窓の外で幼い苗が揺れるのを見て、体の奥にあの洪水のときの青い光が戻ってくる。指先に残る濡れた感覚が、彼に土の語りを呼び覚ます。あの一瞬に見たものは、単なる幻覚でもなかった。水の流れを描く線のような青、土の中に浮かぶ赤い斑(病斑)のような影、掌に残った黒い粒――それらが土の“声”として視えるのだとするなら、この世界には名前があるはずだ。頭の片隅に浮かんだ名は冷たくて強引だった。
《土環読解》――土に触れ、土の環(わ)を読解する。水分の透き通る青線、病害の赤斑、そして人工の鉱滓を示す黒粒。稔はその言葉をこの瞬間に知らなかったが、体験の輪郭にぴたりと当てはまった。触れることで視える世界。だが同時に、もし本当に土を弄る力があるのだとすれば、それには代償が伴うという直感もあった。身体の水分を奪い、体温を冷やし、視界を白く濁らせる段階的な衰弱――それは農作業で無理を重ねた先に起きる症状と似ていた。
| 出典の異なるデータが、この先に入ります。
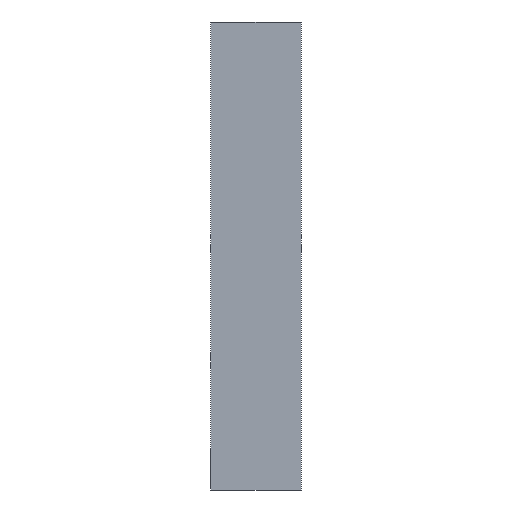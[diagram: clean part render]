
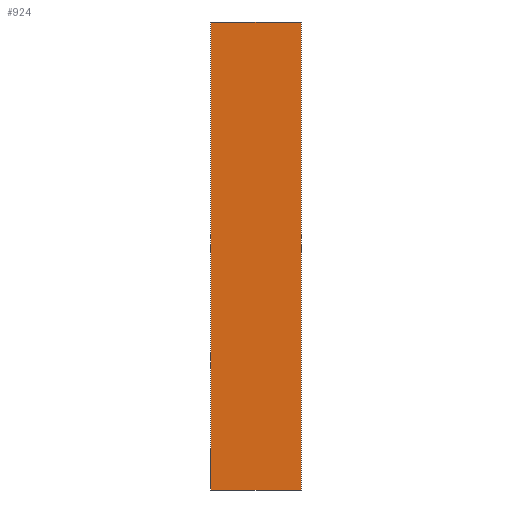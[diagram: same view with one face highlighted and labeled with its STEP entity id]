
A CAD part, left-side view. The second image highlights one B-rep face of the part: STEP entity #924.
In plain terms, the highlighted planar face has unit normal (-1, 0, 0).
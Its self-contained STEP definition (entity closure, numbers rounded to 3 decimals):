
#61 = CARTESIAN_POINT ( 'NONE',  ( -37.5, -14., 145. ) ) ;
#68 = PLANE ( 'NONE',  #957 ) ;
#70 = DIRECTION ( 'NONE',  ( 1., 0., 0. ) ) ;
#71 = DIRECTION ( 'NONE',  ( 0., 0., -1. ) ) ;
#171 = CARTESIAN_POINT ( 'NONE',  ( -37.5, -14., 0. ) ) ;
#182 = CARTESIAN_POINT ( 'NONE',  ( -37.5, -14., 145. ) ) ;
#189 = CARTESIAN_POINT ( 'NONE',  ( -37.5, 14., 145. ) ) ;
#227 = EDGE_CURVE ( 'NONE', #1071, #1060, #350, .T. ) ;
#228 = EDGE_CURVE ( 'NONE', #833, #1060, #356, .T. ) ;
#229 = EDGE_CURVE ( 'NONE', #1078, #1071, #353, .T. ) ;
#230 = EDGE_CURVE ( 'NONE', #1078, #833, #360, .T. ) ;
#340 = EDGE_LOOP ( 'NONE', ( #1288, #1265, #1268, #1289 ) ) ;
#350 = LINE ( 'NONE', #1374, #357 ) ;
#353 = LINE ( 'NONE', #1373, #361 ) ;
#356 = LINE ( 'NONE', #1370, #359 ) ;
#357 = VECTOR ( 'NONE', #1371, 1000. ) ;
#359 = VECTOR ( 'NONE', #1372, 1000. ) ;
#360 = LINE ( 'NONE', #1362, #363 ) ;
#361 = VECTOR ( 'NONE', #1364, 1000. ) ;
#363 = VECTOR ( 'NONE', #1354, 1000. ) ;
#555 = FACE_OUTER_BOUND ( 'NONE', #340, .T. ) ;
#737 = CARTESIAN_POINT ( 'NONE',  ( -37.5, 14., 0. ) ) ;
#833 = VERTEX_POINT ( 'NONE', #737 ) ;
#924 = ADVANCED_FACE ( 'NONE', ( #555 ), #68, .F. ) ;
#957 = AXIS2_PLACEMENT_3D ( 'NONE', #61, #70, #71 ) ;
#1060 = VERTEX_POINT ( 'NONE', #171 ) ;
#1071 = VERTEX_POINT ( 'NONE', #182 ) ;
#1078 = VERTEX_POINT ( 'NONE', #189 ) ;
#1265 = ORIENTED_EDGE ( 'NONE', *, *, #227, .F. ) ;
#1268 = ORIENTED_EDGE ( 'NONE', *, *, #229, .F. ) ;
#1288 = ORIENTED_EDGE ( 'NONE', *, *, #228, .T. ) ;
#1289 = ORIENTED_EDGE ( 'NONE', *, *, #230, .T. ) ;
#1354 = DIRECTION ( 'NONE',  ( 0., 0., -1. ) ) ;
#1362 = CARTESIAN_POINT ( 'NONE',  ( -37.5, 14., 145. ) ) ;
#1364 = DIRECTION ( 'NONE',  ( 0., -1., 0. ) ) ;
#1370 = CARTESIAN_POINT ( 'NONE',  ( -37.5, -14., 0. ) ) ;
#1371 = DIRECTION ( 'NONE',  ( 0., 0., -1. ) ) ;
#1372 = DIRECTION ( 'NONE',  ( 0., -1., 0. ) ) ;
#1373 = CARTESIAN_POINT ( 'NONE',  ( -37.5, -14., 145. ) ) ;
#1374 = CARTESIAN_POINT ( 'NONE',  ( -37.5, -14., 145. ) ) ;

さらに、その力を畝を一気に満たすように使うと、作物の味と種の力が弱まる。教科書で学んだ「急いで育てると種が痩せる」という原理が、異世界の魔的応用として現れたのだろうと、稔は考えた。
そしてもう一つ。土を変える方法があるとするなら、それは一人ではなく、皆で負担を分けるものだろうという予感。複数の人の魔力と汗を畝に分配するやり方――《畑式》と呼ばれるだろうか。仲間が必要で、無理をすれば視力を失うかもしれない。急ぎすぎれば種は弱り、味も落ちる。そんな制約が頭に浮かぶ。
それは単なる想像か、未来の知識の先取りかもしれない。だが洪水の水中で感じた青い光と、窓の外の土の色は結びついていた。稔はゆっくりと呼吸を整え、胸に残る二つの名を重ね合わせた。朝倉稔としての知識と、十三歳レオンとしての責務。どちらが先に来るのかはまだわからない。だがひとつだけ確かなことがあった。祖父が言った「生きている土を探せ」は、ここでも有効な命令だということ。
窓の外の畝はこれから育つか枯れるかの瀬戸際にある。稔は新しい名を喉の奥で確かめ、指先で枯れかけの土を軽く触れた。掌に伝わる冷たさの奥に、青い線がほんの一筋だけ光るのを見た気がした。それは小さな合図に過ぎない。だが合図は、いつも最初の鍬の一振りから始まる。稔は立ち上がり、十三歳の体で広い世界の土を見渡した。領主として、誰かを守るために――まずはこの土の声を聴き、足元から始めると自分に言い聞かせた。